Stanley is a murderer. His reliance on violence in the acquisition food as he travels in the heat of the Congo's jungle, for example, results in the murder, writes Sven Lindqvist, Swedish historian of literature, of "defenseless people on their way to market." Many are shot dead, "unarmed men" because Stanley was in need of canoes.
Talk about Black lives not mattering one bit!
In order to reach his destination and fulfill his dream of "saving" yet another human, as he did Livingstone, he becomes a murderer. He leaves "heaps of corpses in his wake." Just like the wizards over in what becomes Rhodesia (Zimbabwe). With a wave of a capitalist's wand, it's one big coating of white supremacy flowing freely over the African savanna, desert, villages, cities. Over the minds of the African people.
But not all. Always, not all.
In the Congo, Stanley has a boy bearer hanged for "desertion." The pleas of the people surrounding the boy bounce off Stanley's tin heart. "Relentless" in his pursuit of Stanley's dream, he's fulfilling Europe's dream of conquering Africa. So "he could not afford, he thought, to show the slightest sign of weakness now." The first Africans arriving on these US shores would have been familiar with Stanley. All the Stanleys of the Western world.
George Floyd knew one, for sure.
And I have to say here this isn't the Stanley, of the Stanley and Livingston team, taught to me by the white nuns in grammar school. In the late 1950s and early 1960s, I was taught that the team consisted of two good guys and loyal, no-deserting African helpers. The Africans were happy to be civilized. All of Africa welcomed the saviors. No one said anything about the murdering of Africans. Even a white man was happy to swing on African trees.
Deliberately, Stanley puts "himself in a situation in which killing was the only way out," writes Lindqvist. Stanley is Joseph Conrad's model for Kurtz, the white man in the "heart of darkness." Or, rather, is he, Stanley/Kurtz, the "heart of darkness" in Africa?
Conrad travels to Stanley's Africa, arriving at Stanleyville. The writer would have read Stanley's In Darkest Africa published in 1890. However, as Lindqvist suggests, "during his eight months in Africa, Conrad found that reality differed glaringly from the grandiose speeches he had heard before his departure."
So on his return to London the following year, Conrad, writes Lindqvist is "disillusioned."
No wonder there's no one to be saved in Conrad's Heart of Darkness, except for Kurtz.
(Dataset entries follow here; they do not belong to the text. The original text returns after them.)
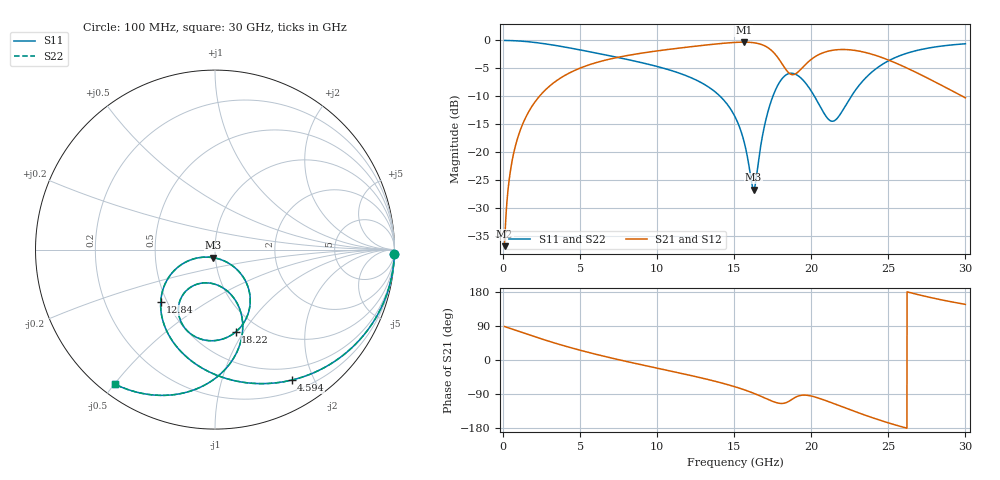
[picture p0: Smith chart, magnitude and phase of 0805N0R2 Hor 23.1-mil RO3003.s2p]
# GHz S MA R 50
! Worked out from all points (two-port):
!   3201 points, 100 MHz to 30 GHz, reference 50 ohm
!   highest |S21| = -0.30 dB at 15.62 GHz (marker M1); lowest = -36.9 dB at 100 MHz (marker M2)
!   |S21| within 3 dB of the highest: 6.98 GHz to 17.89 GHz (10.91 GHz wide, 87.7 % of centre); 20.04 GHz to 24.82 GHz (4.778 GHz wide, 21.3 % of centre)
!   lowest |S11| = -26.7 dB at 16.26 GHz (marker M3), VSWR 1.10, Z = 49 - j4.44 ohm
!   |S11| at or under -10 dB: 14.08 GHz to 17.51 GHz (3.426 GHz wide, 21.7 % of centre); 20.2 GHz to 22.6 GHz (2.391 GHz wide, 11.2 % of centre)
!   |S22| runs from -26.7 to 0.0 dB; largest |S21 - S12| = 0
!   S11 on the Smith chart (normalised r, x): 100 MHz: 1, -81; 4.594 GHz: 0.34, -1.70; 12.84 GHz: 0.46, -0.33; 18.22 GHz: 0.78, -0.92; 30 GHz: 0.04, -0.50
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0.1  0.9998 -1.4  0.01435 88.2  0.01435 88.2  0.9998 -1.4
0.3335938  0.9987 -4.7  0.0476 85.1  0.0476 85.1  0.9987 -4.7
0.5391563  0.9969 -7.6  0.07673 82.2  0.07673 82.2  0.9969 -7.6
1.296  0.9831 -18.2  0.1814 71.7  0.1814 71.7  0.9831 -18.2
2.613469  0.9377 -35.8  0.3455 54.1  0.3455 54.1  0.9377 -35.8
4.594344  0.8432 -59.6  0.5347 30.2  0.5347 30.2  0.8432 -59.6
5.089563  0.8183 -65.0  0.5716 24.8  0.5716 24.8  0.8183 -65.0
7.537625  0.6998 -89.2  0.7101 0.5  0.7101 0.5  0.6998 -89.2
10.06978  0.5809 -111.7  0.8086 -22.2  0.8086 -22.2  0.5809 -111.7
12.84488  0.4198 -136.1  0.8998 -47.1  0.8998 -47.1  0.4198 -136.1
15.05  0.2073 -155.8  0.9604 -70.7  0.9604 -70.7  0.2073 -155.8
15.61997  0.1267 -156.3  0.9657 -78.2  0.9657 -78.2  0.1267 -156.3
16.25534  0.04601 -100.6  0.9546 -87.7  0.9546 -87.7  0.04601 -100.6
17.19906  0.2331 -45.1  0.8593 -104.1  0.8593 -104.1  0.2331 -45.1
18.21753  0.4731 -75.9  0.5842 -114.2  0.5842 -114.2  0.4731 -75.9
19.21731  0.4747 -109.7  0.5337 -94.3  0.5337 -94.3  0.4747 -109.7
20.03956  0.3448 -124.5  0.6838 -95.4  0.6838 -95.4  0.3448 -124.5
21.46916  0.1901 -93.6  0.8201 -115.1  0.8201 -115.1  0.1901 -93.6
23.23513  0.4168 -68.6  0.7959 -141.9  0.7959 -141.9  0.4168 -68.6
25.01978  0.6581 -84.1  0.6667 -166.1  0.6667 -166.1  0.6581 -84.1
27.23425  0.8359 -105.1  0.4831 169.6  0.4831 169.6  0.8359 -105.1
30  0.9339 -126.4  0.3061 146.8  0.3061 146.8  0.9339 -126.4
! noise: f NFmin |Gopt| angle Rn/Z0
0.1  0.01532  0.9959  0.635  0.8535
3.417  0.009893  0.8101  23.18  0.01042
6.743  0.01424  0.7488  42.26  0.009963
10.06  0.01833  0.7206  59.9  0.009841
13.39  0.02518  0.7353  75.72  0.01201
16.7  0.07806  0.888  90.29  0.07565
20.03  0.2036  0.9486  105.1  0.3293
23.35  0.126  0.9077  118.7  0.07849
26.67  0.129  0.8998  131.3  0.04847
30  0.1533  0.9073  143.4  0.03659

But who can save Kurtz? "The monster is Kurtz" who resembles Stanley," writes Lindqvist.
"When Marlow lies to Kurtz's "intended" at the end of Conrad's story, he not only does what Stanley himself did, but also what official Britain and the general public were doing while Conrad was writing the story. They were lying."
And then Congo became known as Belgium's King Leopold I I's Congo. But that, too, was a lie.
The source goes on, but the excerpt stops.